A key aspect of expanding access to TB care and helping patients complete their treatment is decentralization—treating patients in community-based clinics and no longer requiring hospitalization for those with MDR-TB, a shift ushered in by changes to World Health Organization recommendations in 2014. Since then, many countries have made this change, although some still lag behind. To help implement this shift, MSF supports many local health clinics in diagnosing, treating, and monitoring TB patients.
An important part of decentralizing care is task-shifting. For settings with too few physicians, this means training clinic nurses to give patients TB medications and monitoring their response over time. It also means training ‘expert patients’ to support, educate and counsel their fellow patients. Task-shifting allows us to care for many more people and to foster stronger links with local clinics, which makes it easier for people to continue their treatment.

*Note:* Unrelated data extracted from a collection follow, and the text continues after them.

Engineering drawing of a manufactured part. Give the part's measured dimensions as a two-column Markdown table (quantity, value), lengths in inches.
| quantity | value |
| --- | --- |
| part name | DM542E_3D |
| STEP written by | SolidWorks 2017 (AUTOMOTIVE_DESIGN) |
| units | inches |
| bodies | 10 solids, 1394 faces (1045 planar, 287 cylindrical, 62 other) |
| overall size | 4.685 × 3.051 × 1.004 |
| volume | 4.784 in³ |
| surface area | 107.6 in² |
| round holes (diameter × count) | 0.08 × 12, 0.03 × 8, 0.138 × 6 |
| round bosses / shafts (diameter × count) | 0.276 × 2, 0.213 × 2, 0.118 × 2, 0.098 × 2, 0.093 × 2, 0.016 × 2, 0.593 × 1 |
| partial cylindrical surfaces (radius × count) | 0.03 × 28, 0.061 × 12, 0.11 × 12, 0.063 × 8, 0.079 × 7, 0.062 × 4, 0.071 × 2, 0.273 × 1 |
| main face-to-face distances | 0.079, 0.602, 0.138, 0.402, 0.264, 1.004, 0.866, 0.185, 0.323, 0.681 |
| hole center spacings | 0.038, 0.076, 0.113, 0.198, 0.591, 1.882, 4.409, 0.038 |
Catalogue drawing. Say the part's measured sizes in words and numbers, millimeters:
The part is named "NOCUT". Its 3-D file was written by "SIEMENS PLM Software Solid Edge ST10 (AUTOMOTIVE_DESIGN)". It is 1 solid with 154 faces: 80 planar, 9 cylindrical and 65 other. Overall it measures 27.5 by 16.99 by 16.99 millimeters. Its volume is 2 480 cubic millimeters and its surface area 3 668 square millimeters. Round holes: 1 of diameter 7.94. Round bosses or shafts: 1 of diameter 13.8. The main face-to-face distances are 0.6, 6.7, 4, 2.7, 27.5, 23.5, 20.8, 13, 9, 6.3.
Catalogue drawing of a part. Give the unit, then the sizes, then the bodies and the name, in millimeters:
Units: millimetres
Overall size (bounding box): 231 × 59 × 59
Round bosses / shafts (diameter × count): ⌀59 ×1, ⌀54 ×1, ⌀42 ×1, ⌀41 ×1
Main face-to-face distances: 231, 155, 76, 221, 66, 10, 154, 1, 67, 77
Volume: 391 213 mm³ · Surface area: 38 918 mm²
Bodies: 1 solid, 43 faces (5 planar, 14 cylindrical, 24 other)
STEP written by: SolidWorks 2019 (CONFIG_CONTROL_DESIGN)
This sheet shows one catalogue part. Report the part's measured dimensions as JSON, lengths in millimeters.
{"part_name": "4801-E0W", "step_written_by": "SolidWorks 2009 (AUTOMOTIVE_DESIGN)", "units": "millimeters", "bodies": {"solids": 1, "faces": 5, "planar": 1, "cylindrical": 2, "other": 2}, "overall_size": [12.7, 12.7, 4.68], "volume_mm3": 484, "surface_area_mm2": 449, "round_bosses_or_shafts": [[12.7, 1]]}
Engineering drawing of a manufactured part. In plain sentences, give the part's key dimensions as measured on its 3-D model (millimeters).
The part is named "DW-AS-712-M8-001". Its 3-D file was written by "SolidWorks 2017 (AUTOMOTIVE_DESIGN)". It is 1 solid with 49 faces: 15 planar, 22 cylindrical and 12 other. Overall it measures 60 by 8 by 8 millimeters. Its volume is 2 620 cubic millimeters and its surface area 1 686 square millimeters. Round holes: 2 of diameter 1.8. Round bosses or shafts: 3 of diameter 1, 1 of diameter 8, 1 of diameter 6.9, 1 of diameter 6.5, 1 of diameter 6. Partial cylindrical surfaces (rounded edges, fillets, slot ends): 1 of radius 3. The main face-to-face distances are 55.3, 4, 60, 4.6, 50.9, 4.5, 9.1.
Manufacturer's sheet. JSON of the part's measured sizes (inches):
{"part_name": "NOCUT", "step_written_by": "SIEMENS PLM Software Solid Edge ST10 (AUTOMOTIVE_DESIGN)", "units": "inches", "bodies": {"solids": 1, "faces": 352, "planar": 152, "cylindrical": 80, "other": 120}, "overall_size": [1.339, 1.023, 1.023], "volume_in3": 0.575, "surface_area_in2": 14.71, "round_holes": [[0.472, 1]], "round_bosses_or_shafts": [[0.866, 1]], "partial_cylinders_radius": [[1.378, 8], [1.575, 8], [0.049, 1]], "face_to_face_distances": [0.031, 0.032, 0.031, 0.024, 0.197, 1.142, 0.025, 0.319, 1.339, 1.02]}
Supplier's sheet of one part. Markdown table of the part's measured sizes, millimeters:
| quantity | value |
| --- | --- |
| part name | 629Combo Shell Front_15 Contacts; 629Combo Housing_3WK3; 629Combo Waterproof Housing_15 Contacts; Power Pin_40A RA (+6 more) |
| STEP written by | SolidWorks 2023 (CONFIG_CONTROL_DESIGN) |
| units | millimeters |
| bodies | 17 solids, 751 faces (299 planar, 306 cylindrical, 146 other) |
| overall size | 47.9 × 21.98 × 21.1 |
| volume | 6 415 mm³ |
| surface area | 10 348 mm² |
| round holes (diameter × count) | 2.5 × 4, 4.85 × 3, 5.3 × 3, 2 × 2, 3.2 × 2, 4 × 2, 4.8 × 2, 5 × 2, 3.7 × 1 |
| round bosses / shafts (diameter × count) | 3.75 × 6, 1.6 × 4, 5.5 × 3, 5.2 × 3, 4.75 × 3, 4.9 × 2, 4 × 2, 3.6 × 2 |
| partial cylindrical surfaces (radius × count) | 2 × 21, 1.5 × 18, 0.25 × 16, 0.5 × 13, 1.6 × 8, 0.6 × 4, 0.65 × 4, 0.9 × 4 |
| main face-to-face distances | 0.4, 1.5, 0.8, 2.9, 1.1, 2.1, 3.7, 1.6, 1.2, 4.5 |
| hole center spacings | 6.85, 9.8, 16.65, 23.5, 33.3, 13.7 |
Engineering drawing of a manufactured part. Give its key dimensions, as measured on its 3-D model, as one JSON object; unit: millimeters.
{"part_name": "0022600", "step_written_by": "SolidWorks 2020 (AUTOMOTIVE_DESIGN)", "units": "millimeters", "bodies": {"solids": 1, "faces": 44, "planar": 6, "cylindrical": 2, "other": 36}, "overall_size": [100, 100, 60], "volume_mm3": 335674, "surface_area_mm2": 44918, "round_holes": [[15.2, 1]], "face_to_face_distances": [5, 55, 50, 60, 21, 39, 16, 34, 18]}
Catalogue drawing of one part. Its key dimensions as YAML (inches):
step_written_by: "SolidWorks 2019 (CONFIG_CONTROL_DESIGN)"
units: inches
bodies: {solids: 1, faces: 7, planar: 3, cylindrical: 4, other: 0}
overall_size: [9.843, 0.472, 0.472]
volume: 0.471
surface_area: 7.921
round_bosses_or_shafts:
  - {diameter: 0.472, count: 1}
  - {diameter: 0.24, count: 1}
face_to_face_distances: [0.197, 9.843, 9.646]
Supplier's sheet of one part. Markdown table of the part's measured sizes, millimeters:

One of MSF’s most successful community-based TB projects is in Eswatini (formerly called Swaziland), a tiny country in southern Africa but with some of the world’s highest rates of new TB infections and HIV prevalence. In 2008 MSF began treating TB (and HIV) patients in communities of Shiselweni, a remote, rural region. Five years later an evaluation found that this program had greatly increased the number of TB patients being diagnosed, successfully completing treatment, and reporting satisfaction with their care. Decentralization and innovation have also been critical to providing care for TB patients in Papua New Guinea, where mountainous terrain, dense forests, lack of roads and remote villages prevent many people from reaching treatment services. In response MSF teams have expanded outreach efforts, often traveling for hours by boat and road to visit health posts in small villages, or organizing transportation to help patients reach care.
Another strategy MSF uses to decentralize care is to offer home-based options for patients receiving treatment for MDR-TB. These build on Directly-Observed Therapy (DOT), where patients visit the clinic daily so a healthcare professional can watch them take their daily dose of medication—a widely-used approach to help patients with drug-sensitive TB adhere to complex regimens, and to help caretakers monitor their response. As an alternative to DOT, MSF now offers video-observed treatment to some MDR-TB patients who have difficulty reaching our clinics.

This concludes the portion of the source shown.